Source data
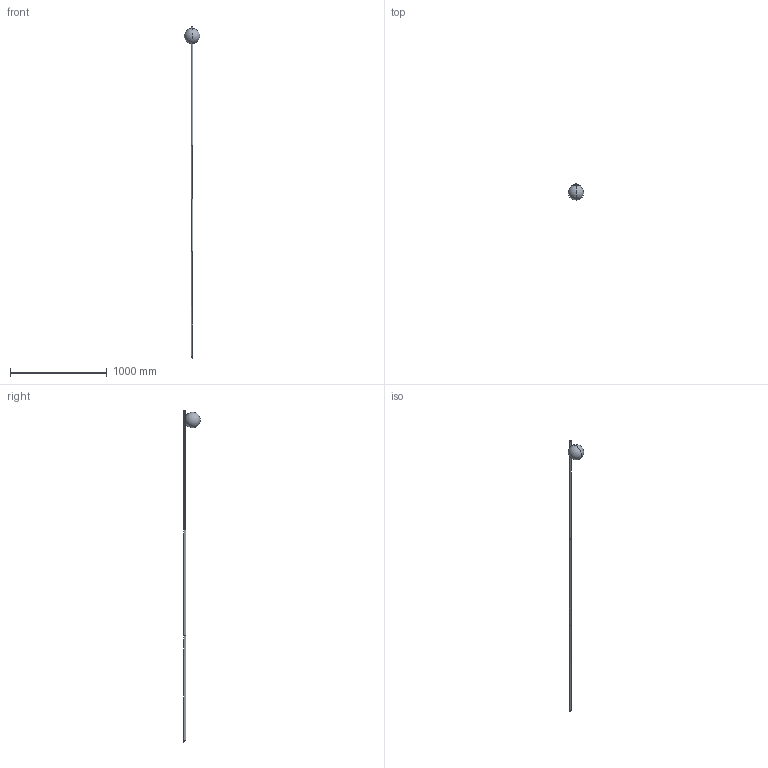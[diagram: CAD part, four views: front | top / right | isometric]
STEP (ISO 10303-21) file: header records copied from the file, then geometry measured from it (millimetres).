
FILE_DESCRIPTION((''),'2;1');
FILE_NAME('HASTAGARDEN_LUNO_SW0001','2026-02-03T17:13:54',('Piccioli'),(''),'CREO PARAMETRIC BY PTC INC, 2025010','CREO PARAMETRIC BY PTC INC, 2025010','');
FILE_SCHEMA(('CONFIG_CONTROL_DESIGN'));
Length unit declared in the file: millimetre
Products named in the file (1): HASTAGARDEN_LUNO_SW0001
Bounding box: 159.64 x 171.56 x 3440 mm (x, y, z)
Surface area: 277482.8 mm2 (no closed solid volume)
Topology: 0 solids, 7 shells, 22 faces, 81 edges, 53 vertices
Faces by surface type: cylinder 8, sphere 6, cone 4, plane 3, torus 1
Entity records: 2024 total; most frequent: CARTESIAN_POINT 1341, DIRECTION 139, ORIENTED_EDGE 112, EDGE_CURVE 79, AXIS2_PLACEMENT_3D 58, VERTEX_POINT 53, CIRCLE 36, VECTOR 23
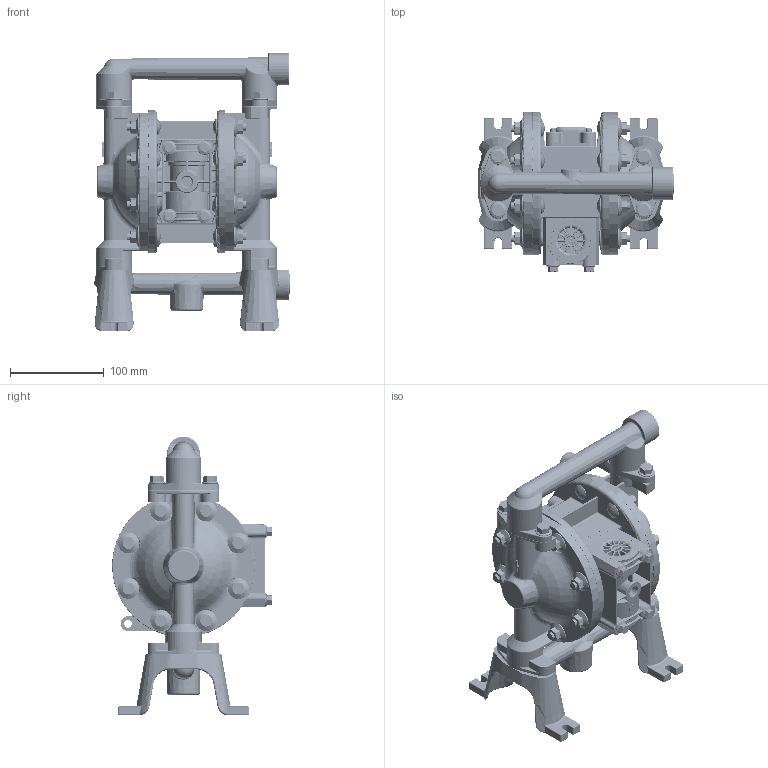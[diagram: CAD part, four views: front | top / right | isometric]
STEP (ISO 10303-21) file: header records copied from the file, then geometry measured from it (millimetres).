
FILE_DESCRIPTION(/* description */ (''),/* implementation_level */ '2;1');
FILE_NAME(/* name */ 'PD05R-XAX-X-B_06',/* time_stamp */ '2008-03-26T07:45:05-04:00',/* author */ (''),/* organization */ (''),/* preprocessor_version */ 'ST-DEVELOPER v9',/* originating_system */ 'UGS - NX 4.0',/* authorisation */ '');
FILE_SCHEMA (('AUTOMOTIVE_DESIGN { 1 0 10303 214 1 1 1 1 }'));
Products named in the file (1): szee47D1c481
Bounding box: 209.29 x 170.61 x 297.89 mm (x, y, z)
Volume: 2369911 mm3; surface area: 301803.4 mm2
Topology: 1 solids, 1 shells, 6225 faces, 15861 edges, 9345 vertices
Faces by surface type: plane 2353, cylinder 1364, bspline 1339, torus 534, cone 394, sphere 241
Full cylindrical faces by diameter (mm): 6.144 x4, 6.629 x4, 7.137 x1, 7.938 x17, 8.331 x2, 8.382 x1, 9.042 x1, 10 x1, 10.996 x1, 14.224 x4, 17.813 x2, 21.336 x1, 22.225 x16, 34.925 x1, 38.1 x2, 41.91 x2, 42.062 x2, 152.4 x2
Entity records: 211890 total; most frequent: CARTESIAN_POINT 73842, ORIENTED_EDGE 30312, DIRECTION 26980, EDGE_CURVE 15156, AXIS2_PLACEMENT_3D 10023, VERTEX_POINT 9230, LINE 6934, VECTOR 6934
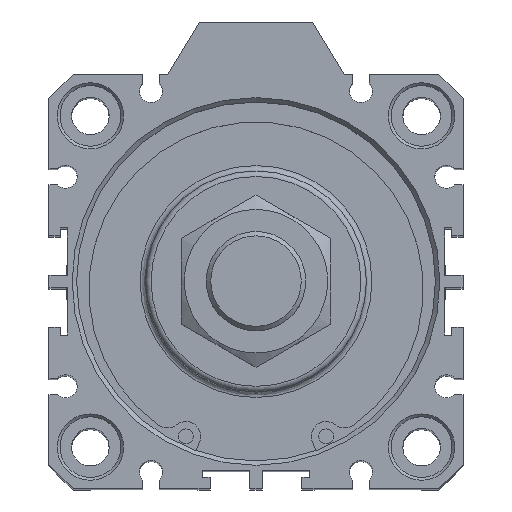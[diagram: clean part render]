
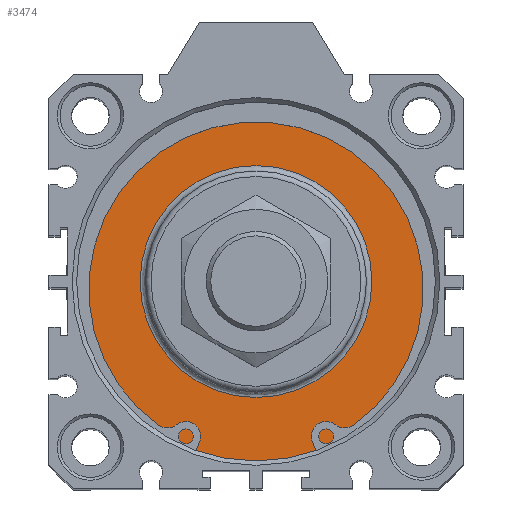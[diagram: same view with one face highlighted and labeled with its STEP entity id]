
A CAD part, top view. The second image highlights one B-rep face of the part: STEP entity #3474.
In plain terms, the highlighted planar face has unit normal (0, 0, 1).
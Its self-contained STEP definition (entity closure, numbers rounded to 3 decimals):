
#3423=CARTESIAN_POINT('',(2.99,22.555,152.3));
#3424=VERTEX_POINT('',#3423);
#3425=CARTESIAN_POINT('',(2.99,1.555,152.3));
#3426=DIRECTION('',(0.0,0.0,1.0));
#3427=DIRECTION('',(0.0,-1.0,0.0));
#3428=AXIS2_PLACEMENT_3D('',#3425,#3426,#3427);
#3429=CIRCLE('',#3428,21.);
#3430=EDGE_CURVE('',#3424,#3424,#3429,.T.);
#3455=CARTESIAN_POINT('',(2.99,27.805,152.3));
#3456=DIRECTION('',(0.0,0.0,1.0));
#3457=DIRECTION('',(1.0,0.0,0.0));
#3458=AXIS2_PLACEMENT_3D('',#3455,#3456,#3457);
#3459=PLANE('',#3458);
#3460=CARTESIAN_POINT('',(2.99,34.055,152.3));
#3461=VERTEX_POINT('',#3460);
#3462=CARTESIAN_POINT('',(2.99,1.555,152.3));
#3463=DIRECTION('',(0.0,0.0,-1.0));
#3464=DIRECTION('',(0.0,1.0,0.0));
#3465=AXIS2_PLACEMENT_3D('',#3462,#3463,#3464);
#3466=CIRCLE('',#3465,32.5);
#3467=EDGE_CURVE('',#3461,#3461,#3466,.T.);
#3468=ORIENTED_EDGE('',*,*,#3467,.F.);
#3469=EDGE_LOOP('',(#3468));
#3470=FACE_OUTER_BOUND('',#3469,.T.);
#3471=ORIENTED_EDGE('',*,*,#3430,.F.);
#3472=EDGE_LOOP('',(#3471));
#3473=FACE_BOUND('',#3472,.T.);
#3474=ADVANCED_FACE('',(#3470,#3473),#3459,.T.);

**TRY IT**
Find the line holding "Topology: 1 solids, 1" in the data above. Retype it and every later line exactly, through the end, but not the pictures.

**RESPONSE BOX**
Topology: 1 solids, 1 shells, 6225 faces, 15861 edges, 9345 vertices
Faces by surface type: plane 2353, cylinder 1364, bspline 1339, torus 534, cone 394, sphere 241
Full cylindrical faces by diameter (mm): 6.144 x4, 6.629 x4, 7.137 x1, 7.938 x17, 8.331 x2, 8.382 x1, 9.042 x1, 10 x1, 10.996 x1, 14.224 x4, 17.813 x2, 21.336 x1, 22.225 x16, 34.925 x1, 38.1 x2, 41.91 x2, 42.062 x2, 152.4 x2
Entity records: 211890 total; most frequent: CARTESIAN_POINT 73842, ORIENTED_EDGE 30312, DIRECTION 26980, EDGE_CURVE 15156, AXIS2_PLACEMENT_3D 10023, VERTEX_POINT 9230, LINE 6934, VECTOR 6934
[diagram: clean part render]
[diagram: same view with one face highlighted and labeled with its STEP entity id]
A CAD part, top view. The second image highlights one B-rep face of the part: STEP entity #3474.
In plain terms, the highlighted planar face has unit normal (0, 0, 1).
Its self-contained STEP definition (entity closure, numbers rounded to 3 decimals):
#3423=CARTESIAN_POINT('',(2.99,22.555,152.3));
#3424=VERTEX_POINT('',#3423);
#3425=CARTESIAN_POINT('',(2.99,1.555,152.3));
#3426=DIRECTION('',(0.0,0.0,1.0));
#3427=DIRECTION('',(0.0,-1.0,0.0));
#3428=AXIS2_PLACEMENT_3D('',#3425,#3426,#3427);
#3429=CIRCLE('',#3428,21.);
#3430=EDGE_CURVE('',#3424,#3424,#3429,.T.);
#3455=CARTESIAN_POINT('',(2.99,27.805,152.3));
#3456=DIRECTION('',(0.0,0.0,1.0));
#3457=DIRECTION('',(1.0,0.0,0.0));
#3458=AXIS2_PLACEMENT_3D('',#3455,#3456,#3457);
#3459=PLANE('',#3458);
#3460=CARTESIAN_POINT('',(2.99,34.055,152.3));
#3461=VERTEX_POINT('',#3460);
#3462=CARTESIAN_POINT('',(2.99,1.555,152.3));
#3463=DIRECTION('',(0.0,0.0,-1.0));
#3464=DIRECTION('',(0.0,1.0,0.0));
#3465=AXIS2_PLACEMENT_3D('',#3462,#3463,#3464);
#3466=CIRCLE('',#3465,32.5);
#3467=EDGE_CURVE('',#3461,#3461,#3466,.T.);
#3468=ORIENTED_EDGE('',*,*,#3467,.F.);
#3469=EDGE_LOOP('',(#3468));
#3470=FACE_OUTER_BOUND('',#3469,.T.);
#3471=ORIENTED_EDGE('',*,*,#3430,.F.);
#3472=EDGE_LOOP('',(#3471));
#3473=FACE_BOUND('',#3472,.T.);
#3474=ADVANCED_FACE('',(#3470,#3473),#3459,.T.);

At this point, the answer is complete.